В слезящихся глазах слушавшего меня старого капуцина поблескивало подозрение. В руке он держал помятую жестяную табакерку и все время, пока я говорил, медленно водил щепотью по донышку, чтобы нащупать несколько просыпавшихся крошек. Когда я кончил, он сказал, покачивая головой, что это мерзкое зрелище там, во флигеле, мерзее мне не увидеть — он в том не сомневается, — во всю жизнь.
— Я не о том, приятное ли это зрелище, — нетерпеливо возразил я, — мне нужно знать, кто был тот человек, как он скончался и почему ему отказано в достойном погребении. Вы можете сказать мне это?
В конце концов, собрав в щепоть три или четыре табачные крошки, монах медленно засунул их в ноздри и, все время держа открытую табакерку под носом, чтоб не просыпать ни единой крупицы, раз или два всей грудью втянул воздух, после чего захлопнул крышку и снова поглядел на меня слезящимися и еще более подозрительно мигающими глазками.
— Да, — промолвил он, — мерзкое зрелище там, во флигеле, мерзкое, ничего не скажешь!
Пожалуй, никогда, ни разу мне не было так трудно обуздать себя и не взорваться, как в ту минуту. Все же мне удалось удержаться от весьма непочтительного замечания по поводу монахов, всех, какие есть на свете, едва не сорвавшегося с языка, и предпринять еще одну попытку победить несносную уклончивость старика. На мое счастье, я и сам был любителем нюхательного табака, и у меня в кармане была полная табакерка отличного английского зелья, каковую я и протянул ему сейчас в порядке взятки. То было мое последнее средство.

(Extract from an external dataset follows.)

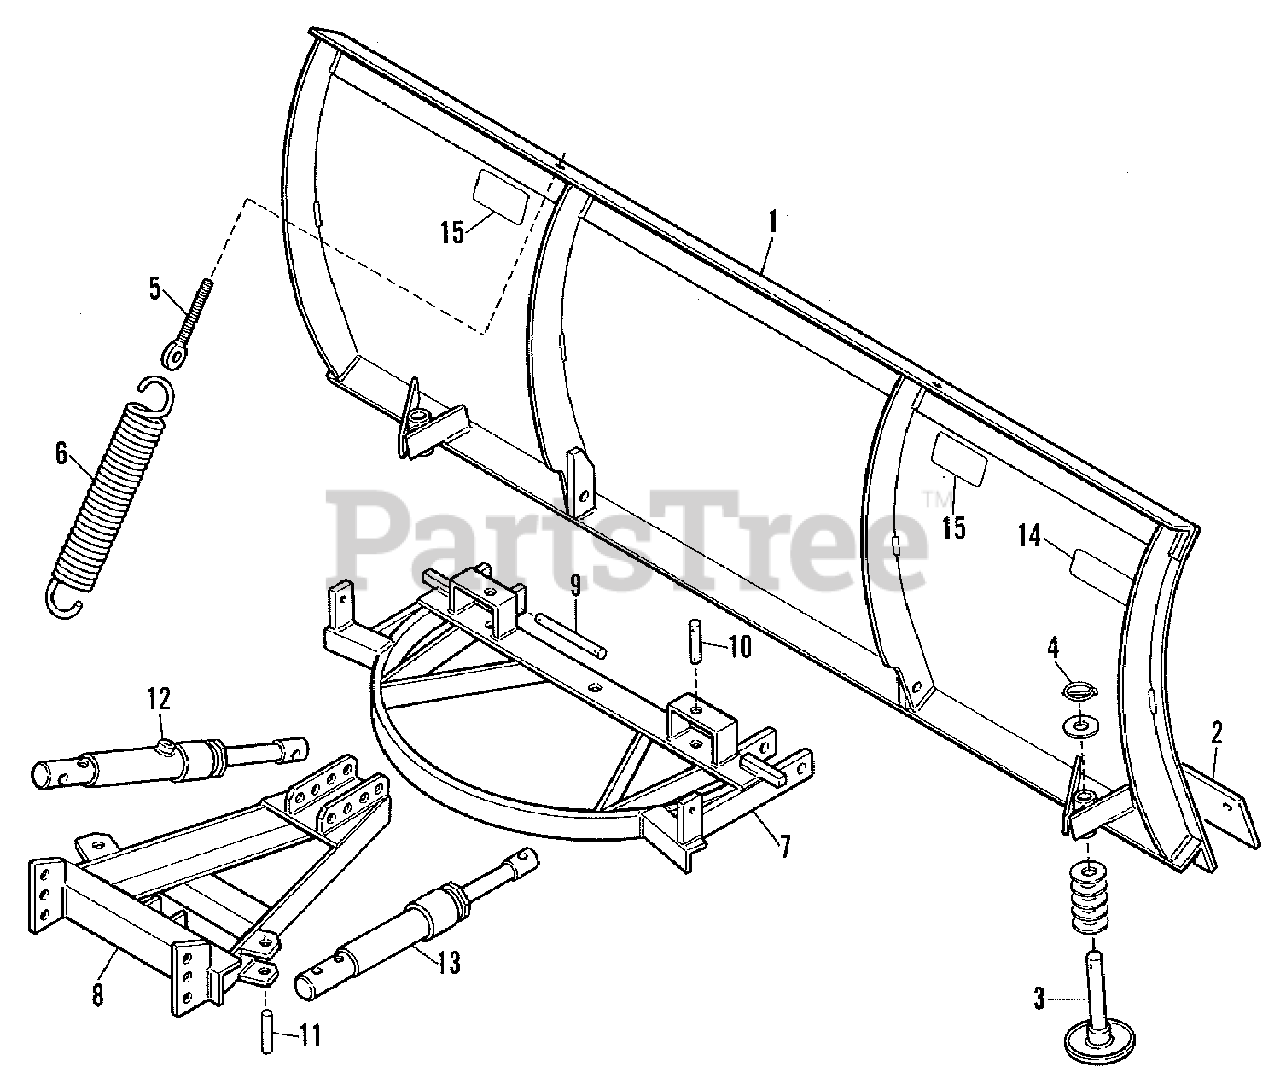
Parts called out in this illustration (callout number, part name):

— Я только что заметил, что в вашей табакерке нету табака. Не хотите ли отведать понюшку моего?
Согласие свое капуцин выразил с прямо-таки юношеской живостью. Он захватил в щепоть самую гигантскую понюшку, какую только можно было удержать в ладони, медленно втянул ее, не уронив ни крошки, и, полуприкрыв глаза и растроганно тряся головой, отеческим жестом потрепал меня по плечу:
— О, сын мой, — что за восхитительный табак! О, сын мой и любезный путешественник, подай твоему любящему духовному отцу еще одну совсем-совсем ничтожную понюшку!
— Позвольте, я набью вам табакерку. У меня еще много.
Помятая табакерка оказалась у меня в руках, прежде чем я успел докончить фразу. Отеческое похлопывание по спине стало еще более одобрительным, а хрипловато-слабый голосок бойко и многословно меня нахваливал. Похоже, я нащупал слабое место старого капуцина и, возвращая ему табакерку, немедленно воспользовался замеченным преимуществом.
— Простите, что я снова докучаю вам расспросами, — промолвил я, — но у меня на то особые причины, мне очень важно получить от вас объяснение того чудовищного зрелища во флигеле.
— Пройдемте внутрь.
Он потянул меня в ворота, захлопнул их, повел через поросший травой двор, граничивший с невыполотым огородом, и проводил в длинную комнату с низким потолком, грязным кухонным шкафом, несколькими рядами сидений, украшенных грубой резьбой, одной или двумя зловещими, в разводах плесени картинами, которые висели здесь для красоты. То была ризница.
— Тут никого нет, прохладно, хорошо, — сказал старый капуцин. Там было так сыро, что меня стал бить озноб. — Не хотите ли осмотреть церковь? — спросил монах. — Это настоящая жемчужина! Если б только мы могли восстановить ее, но мы не в силах. Ах! Злой рок и нищета, мы так бедны, что не можем привести в порядок нашу церковь!